- AVAILABLE RECORDS -
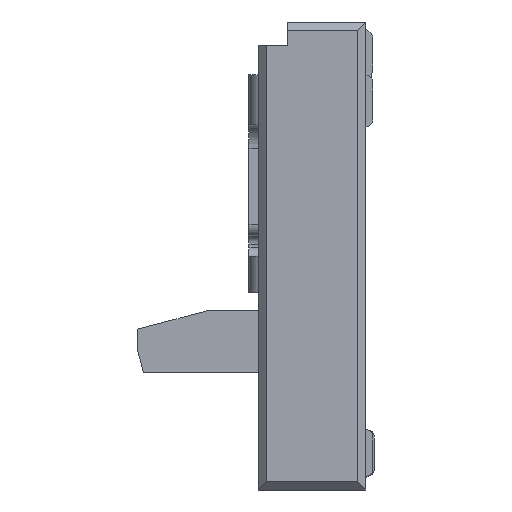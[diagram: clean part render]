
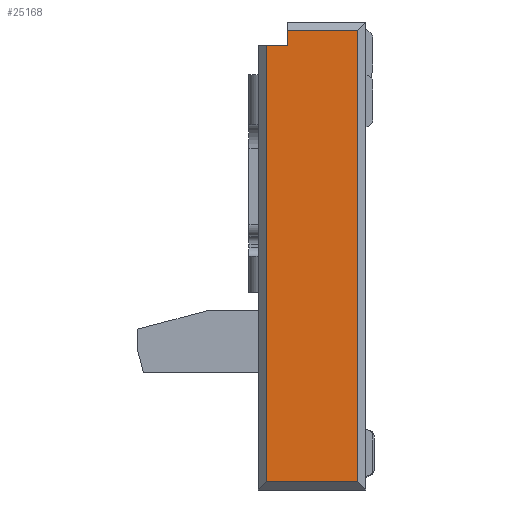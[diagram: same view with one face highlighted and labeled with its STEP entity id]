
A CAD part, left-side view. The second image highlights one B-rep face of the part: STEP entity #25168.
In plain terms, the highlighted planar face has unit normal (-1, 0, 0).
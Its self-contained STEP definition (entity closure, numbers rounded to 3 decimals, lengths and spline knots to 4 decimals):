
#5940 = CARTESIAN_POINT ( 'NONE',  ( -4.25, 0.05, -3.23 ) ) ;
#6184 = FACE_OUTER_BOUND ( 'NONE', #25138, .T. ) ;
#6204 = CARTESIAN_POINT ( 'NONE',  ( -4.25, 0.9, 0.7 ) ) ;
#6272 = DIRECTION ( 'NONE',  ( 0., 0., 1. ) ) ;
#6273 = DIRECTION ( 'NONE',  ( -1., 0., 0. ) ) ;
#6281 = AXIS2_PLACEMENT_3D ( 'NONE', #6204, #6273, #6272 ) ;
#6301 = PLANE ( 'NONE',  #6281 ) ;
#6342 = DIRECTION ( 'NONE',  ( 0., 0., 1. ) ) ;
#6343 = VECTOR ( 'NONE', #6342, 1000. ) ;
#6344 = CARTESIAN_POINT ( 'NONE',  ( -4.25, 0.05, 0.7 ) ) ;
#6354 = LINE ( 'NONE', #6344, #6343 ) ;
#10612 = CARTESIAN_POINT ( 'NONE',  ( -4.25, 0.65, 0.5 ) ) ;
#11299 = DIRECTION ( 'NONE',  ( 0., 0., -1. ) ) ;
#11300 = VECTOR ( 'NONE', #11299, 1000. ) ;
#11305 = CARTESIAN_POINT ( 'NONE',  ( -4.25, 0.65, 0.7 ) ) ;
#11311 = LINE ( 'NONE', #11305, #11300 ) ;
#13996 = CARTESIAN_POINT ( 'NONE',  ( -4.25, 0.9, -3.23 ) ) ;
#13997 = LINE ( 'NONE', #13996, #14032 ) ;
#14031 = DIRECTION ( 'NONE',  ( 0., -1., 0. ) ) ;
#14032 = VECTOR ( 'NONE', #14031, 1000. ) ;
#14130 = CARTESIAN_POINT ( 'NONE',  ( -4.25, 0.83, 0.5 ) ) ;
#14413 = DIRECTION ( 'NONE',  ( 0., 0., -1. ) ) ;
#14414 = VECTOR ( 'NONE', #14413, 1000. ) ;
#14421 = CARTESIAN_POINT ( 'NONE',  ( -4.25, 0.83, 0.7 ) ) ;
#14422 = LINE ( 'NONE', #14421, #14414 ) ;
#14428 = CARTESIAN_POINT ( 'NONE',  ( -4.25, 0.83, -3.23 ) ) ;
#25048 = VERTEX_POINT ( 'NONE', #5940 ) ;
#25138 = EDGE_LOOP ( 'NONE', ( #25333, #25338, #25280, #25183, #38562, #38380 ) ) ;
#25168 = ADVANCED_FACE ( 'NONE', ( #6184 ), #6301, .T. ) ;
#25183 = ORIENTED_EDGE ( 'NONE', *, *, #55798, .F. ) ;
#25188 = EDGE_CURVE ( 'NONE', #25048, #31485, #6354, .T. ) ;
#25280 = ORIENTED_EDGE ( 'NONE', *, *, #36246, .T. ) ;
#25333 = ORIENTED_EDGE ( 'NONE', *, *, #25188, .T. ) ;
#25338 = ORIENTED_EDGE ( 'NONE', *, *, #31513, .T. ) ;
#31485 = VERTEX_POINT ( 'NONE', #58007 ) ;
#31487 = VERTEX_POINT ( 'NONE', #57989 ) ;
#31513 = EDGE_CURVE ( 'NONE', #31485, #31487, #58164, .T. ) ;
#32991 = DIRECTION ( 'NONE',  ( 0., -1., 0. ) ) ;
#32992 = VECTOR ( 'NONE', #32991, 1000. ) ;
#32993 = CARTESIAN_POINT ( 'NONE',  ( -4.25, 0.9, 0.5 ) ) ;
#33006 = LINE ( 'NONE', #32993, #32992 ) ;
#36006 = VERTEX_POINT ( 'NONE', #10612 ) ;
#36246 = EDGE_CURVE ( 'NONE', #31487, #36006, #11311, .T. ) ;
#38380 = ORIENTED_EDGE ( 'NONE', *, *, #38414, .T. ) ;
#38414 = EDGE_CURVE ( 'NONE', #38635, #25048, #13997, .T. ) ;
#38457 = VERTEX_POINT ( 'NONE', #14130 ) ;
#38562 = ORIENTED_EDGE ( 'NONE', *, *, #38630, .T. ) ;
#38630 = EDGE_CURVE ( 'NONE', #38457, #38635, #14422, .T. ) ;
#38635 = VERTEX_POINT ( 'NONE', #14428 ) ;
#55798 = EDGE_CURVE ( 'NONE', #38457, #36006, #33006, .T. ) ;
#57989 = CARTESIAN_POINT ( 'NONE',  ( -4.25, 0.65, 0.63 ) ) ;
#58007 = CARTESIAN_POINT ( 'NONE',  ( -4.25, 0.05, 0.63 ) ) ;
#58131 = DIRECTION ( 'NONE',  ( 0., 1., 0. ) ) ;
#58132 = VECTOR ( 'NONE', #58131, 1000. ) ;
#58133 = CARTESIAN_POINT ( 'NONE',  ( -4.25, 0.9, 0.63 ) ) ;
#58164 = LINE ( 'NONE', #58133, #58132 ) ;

- EXERCISE DETAILS -
Each line above that carries the string "VECTOR" has to be returned.

- TASK RESPONSE -
#6343 = VECTOR ( 'NONE', #6342, 1000. ) ;
#11300 = VECTOR ( 'NONE', #11299, 1000. ) ;
#14032 = VECTOR ( 'NONE', #14031, 1000. ) ;
#14414 = VECTOR ( 'NONE', #14413, 1000. ) ;
#32992 = VECTOR ( 'NONE', #32991, 1000. ) ;
#58132 = VECTOR ( 'NONE', #58131, 1000. ) ;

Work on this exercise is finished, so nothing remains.